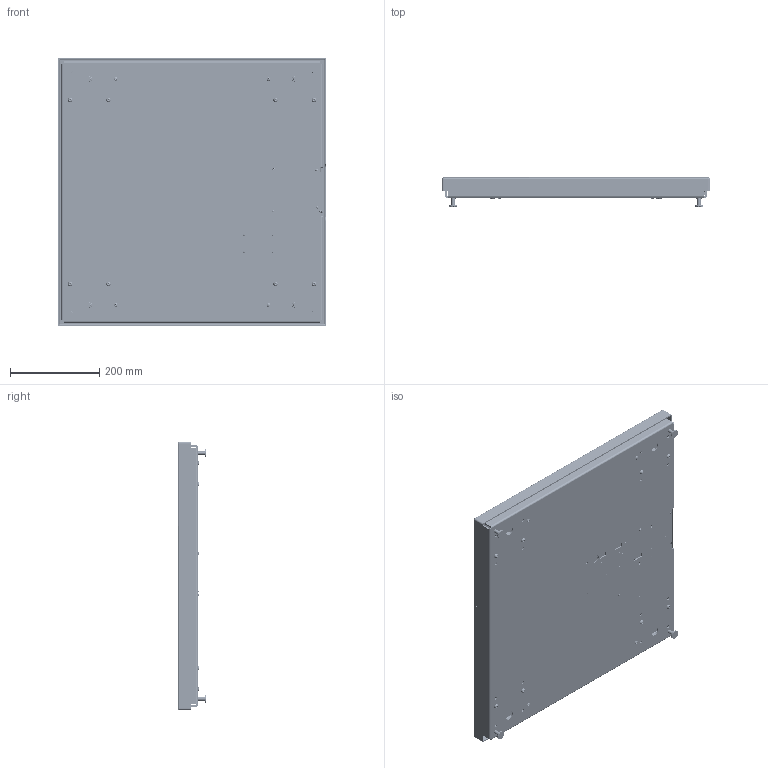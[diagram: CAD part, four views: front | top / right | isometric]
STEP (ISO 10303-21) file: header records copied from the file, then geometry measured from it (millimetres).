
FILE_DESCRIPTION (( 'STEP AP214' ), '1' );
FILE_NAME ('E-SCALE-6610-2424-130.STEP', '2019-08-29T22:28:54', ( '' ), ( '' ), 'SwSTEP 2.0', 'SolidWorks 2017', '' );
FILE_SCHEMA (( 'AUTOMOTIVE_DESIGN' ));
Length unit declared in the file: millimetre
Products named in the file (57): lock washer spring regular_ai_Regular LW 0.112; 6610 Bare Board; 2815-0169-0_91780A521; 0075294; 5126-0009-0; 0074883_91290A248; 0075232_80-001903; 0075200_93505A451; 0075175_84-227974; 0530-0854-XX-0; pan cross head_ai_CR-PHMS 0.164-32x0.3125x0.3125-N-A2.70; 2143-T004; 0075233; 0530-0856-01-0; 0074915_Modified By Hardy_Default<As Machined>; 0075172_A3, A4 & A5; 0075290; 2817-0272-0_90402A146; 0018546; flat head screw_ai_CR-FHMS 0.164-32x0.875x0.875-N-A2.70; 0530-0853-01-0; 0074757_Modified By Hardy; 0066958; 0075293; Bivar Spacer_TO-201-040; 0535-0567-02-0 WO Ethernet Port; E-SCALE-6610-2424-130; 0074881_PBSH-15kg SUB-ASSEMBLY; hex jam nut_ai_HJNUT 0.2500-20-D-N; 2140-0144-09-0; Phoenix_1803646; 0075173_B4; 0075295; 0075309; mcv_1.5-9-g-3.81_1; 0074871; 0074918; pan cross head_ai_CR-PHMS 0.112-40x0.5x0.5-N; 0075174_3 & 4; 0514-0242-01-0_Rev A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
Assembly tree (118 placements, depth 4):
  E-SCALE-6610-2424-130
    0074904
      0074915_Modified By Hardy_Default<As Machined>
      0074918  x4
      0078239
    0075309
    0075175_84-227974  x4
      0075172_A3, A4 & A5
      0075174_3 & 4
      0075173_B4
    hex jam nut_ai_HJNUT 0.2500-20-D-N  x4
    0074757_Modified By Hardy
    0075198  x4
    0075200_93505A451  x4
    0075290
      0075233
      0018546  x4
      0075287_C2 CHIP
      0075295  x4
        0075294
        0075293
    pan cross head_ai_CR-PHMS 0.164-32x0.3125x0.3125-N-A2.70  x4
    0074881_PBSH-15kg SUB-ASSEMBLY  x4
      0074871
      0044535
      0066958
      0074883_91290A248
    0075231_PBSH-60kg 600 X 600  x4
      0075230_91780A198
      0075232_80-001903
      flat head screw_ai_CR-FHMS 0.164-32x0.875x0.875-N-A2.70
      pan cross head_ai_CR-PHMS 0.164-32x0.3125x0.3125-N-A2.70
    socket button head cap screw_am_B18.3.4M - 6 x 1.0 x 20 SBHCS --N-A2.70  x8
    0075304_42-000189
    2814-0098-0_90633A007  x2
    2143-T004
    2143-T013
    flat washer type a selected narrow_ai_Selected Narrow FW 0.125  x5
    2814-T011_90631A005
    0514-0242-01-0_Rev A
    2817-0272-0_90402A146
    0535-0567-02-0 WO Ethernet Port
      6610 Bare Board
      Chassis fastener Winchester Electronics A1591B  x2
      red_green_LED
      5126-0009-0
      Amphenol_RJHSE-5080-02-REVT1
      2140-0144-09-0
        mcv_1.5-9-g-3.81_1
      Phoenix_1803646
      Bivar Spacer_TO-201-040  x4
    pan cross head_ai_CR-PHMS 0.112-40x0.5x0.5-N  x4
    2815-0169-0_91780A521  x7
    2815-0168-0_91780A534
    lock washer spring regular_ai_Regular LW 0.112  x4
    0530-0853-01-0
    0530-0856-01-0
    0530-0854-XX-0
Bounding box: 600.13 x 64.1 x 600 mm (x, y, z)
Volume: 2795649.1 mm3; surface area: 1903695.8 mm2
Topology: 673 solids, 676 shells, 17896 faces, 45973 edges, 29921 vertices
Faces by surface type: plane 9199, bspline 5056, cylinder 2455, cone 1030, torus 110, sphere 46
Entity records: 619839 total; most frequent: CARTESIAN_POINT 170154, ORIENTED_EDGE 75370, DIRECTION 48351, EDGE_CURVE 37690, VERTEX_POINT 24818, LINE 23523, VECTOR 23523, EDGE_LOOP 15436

^^^^

Copy out, from the listing above, every line that contains the word "STEP".

> [Task solution]
STEP (ISO 10303-21) file: header records copied from the file, then geometry measured from it (millimetres).
FILE_DESCRIPTION (( 'STEP AP214' ), '1' );
FILE_NAME ('E-SCALE-6610-2424-130.STEP', '2019-08-29T22:28:54', ( '' ), ( '' ), 'SwSTEP 2.0', 'SolidWorks 2017', '' );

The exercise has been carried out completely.